Apply optimization level defaults using self as root.

Recursively applies values from defaults into nested config objects. Only fields present in defaults are overwritten.

If the user configuration does not specify a value for a default field and if the default field is still None after all user selections are applied, then default values will be applied to the field. User speciied fields will not be overridden by the default.

Parameters

  • defaults - Dictionary of default values to apply.

Returns

  • nil

_get_quantization_config(ref, model_config, load_config, opts \\ [])

@spec _get_quantization_config(SnakeBridge.Ref.t(), term(), term(), keyword()) ::
  {:ok, term()} | {:error, Snakepit.Error.t()}

Get the quantization config.

Parameters

  • model_config (term())
  • load_config (term())

Returns

  • term()

_post_init_kv_transfer_config(ref, opts \\ [])

@spec _post_init_kv_transfer_config(
  SnakeBridge.Ref.t(),
  keyword()
) :: {:ok, nil} | {:error, Snakepit.Error.t()}

Update KVTransferConfig based on top-level configs in VllmConfig.

Right now, this function reads the offloading settings from CacheConfig and configures the KVTransferConfig accordingly.

Returns

  • nil

_set_compile_ranges(ref, opts \\ [])

@spec _set_compile_ranges(
  SnakeBridge.Ref.t(),
  keyword()
) :: {:ok, term()} | {:error, Snakepit.Error.t()}

Set the compile ranges for the compilation config.

Returns

  • term()

_set_config_default(ref, config_obj, key, value, opts \\ [])

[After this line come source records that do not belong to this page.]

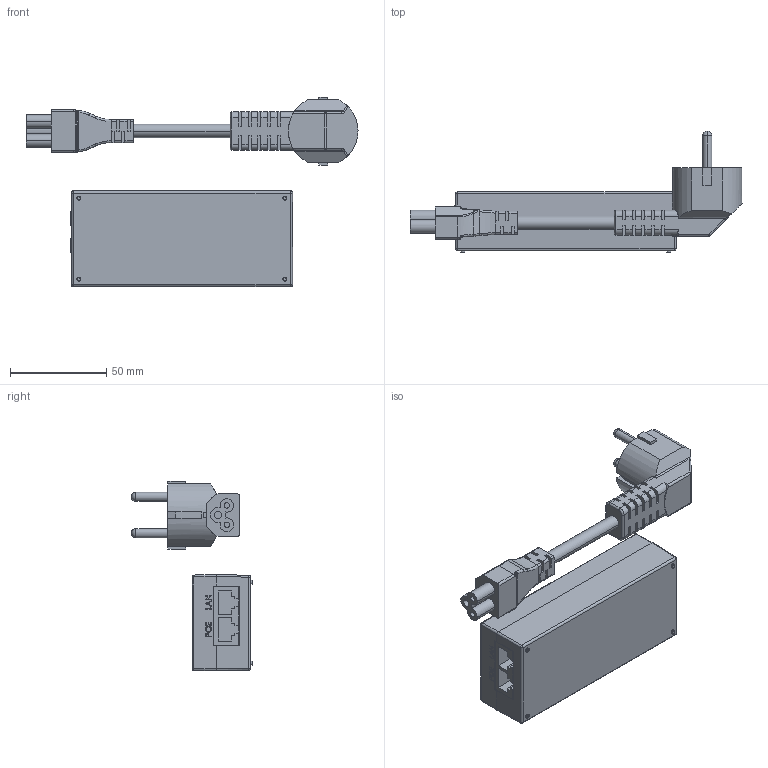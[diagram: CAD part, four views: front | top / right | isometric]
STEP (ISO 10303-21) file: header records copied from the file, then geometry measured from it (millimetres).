
FILE_DESCRIPTION (( 'STEP AP214' ), '1' );
FILE_NAME ('PR325EUB.STEP', '2025-07-15T09:52:23', ( '' ), ( '' ), 'SwSTEP 2.0', 'SolidWorks 2024', '' );
FILE_SCHEMA (( 'AUTOMOTIVE_DESIGN' ));
Length unit declared in the file: millimetre
Products named in the file (4): PR325EUB; PR325EUB EU KISTUKAS; PR325EUB blokelis; PR325EUB KISTUKAS
Assembly tree (3 placements, depth 2):
  PR325EUB
    PR325EUB blokelis
    PR325EUB EU KISTUKAS
    PR325EUB KISTUKAS
Bounding box: 172.45 x 63.06 x 98.58 mm (x, y, z)
Volume: 218084.7 mm3; surface area: 43529.8 mm2
Topology: 3 solids, 3 shells, 493 faces, 1290 edges, 820 vertices
Faces by surface type: plane 285, cylinder 138, bspline 30, sphere 24, torus 8, cone 8
Entity records: 18207 total; most frequent: CARTESIAN_POINT 4108, ORIENTED_EDGE 2544, DIRECTION 2404, EDGE_CURVE 1272, VECTOR 904, LINE 904, VERTEX_POINT 812, AXIS2_PLACEMENT_3D 750

@spec _set_config_default(SnakeBridge.Ref.t(), term(), String.t(), term(), keyword()) ::
  {:ok, nil} | {:error, Snakepit.Error.t()}

Set config attribute to default if not already set by user.

Parameters

  • config_obj - Configuration object to update.
  • key - Attribute name.
  • value - Default value (static or callable).

Returns

  • nil

_set_cudagraph_sizes(ref, opts \\ [])

@spec _set_cudagraph_sizes(
  SnakeBridge.Ref.t(),
  keyword()
) :: {:ok, term()} | {:error, Snakepit.Error.t()}

vLLM defines the default candidate list of batch sizes for CUDA graph

capture as:

max_graph_size = min(max_num_seqs * 2, 512)
# 1, 2, 4, then multiples of 8 up to 256 and then multiples of 16
# up to max_graph_size
cudagraph_capture_sizes = [1, 2, 4] + list(range(8, 256, 8)) + list(
    range(256, max_graph_size + 1, 16))

In the end, vllm_config.compilation_config.cudagraph_capture_sizes will be the final sizes to capture cudagraph (in ascending order).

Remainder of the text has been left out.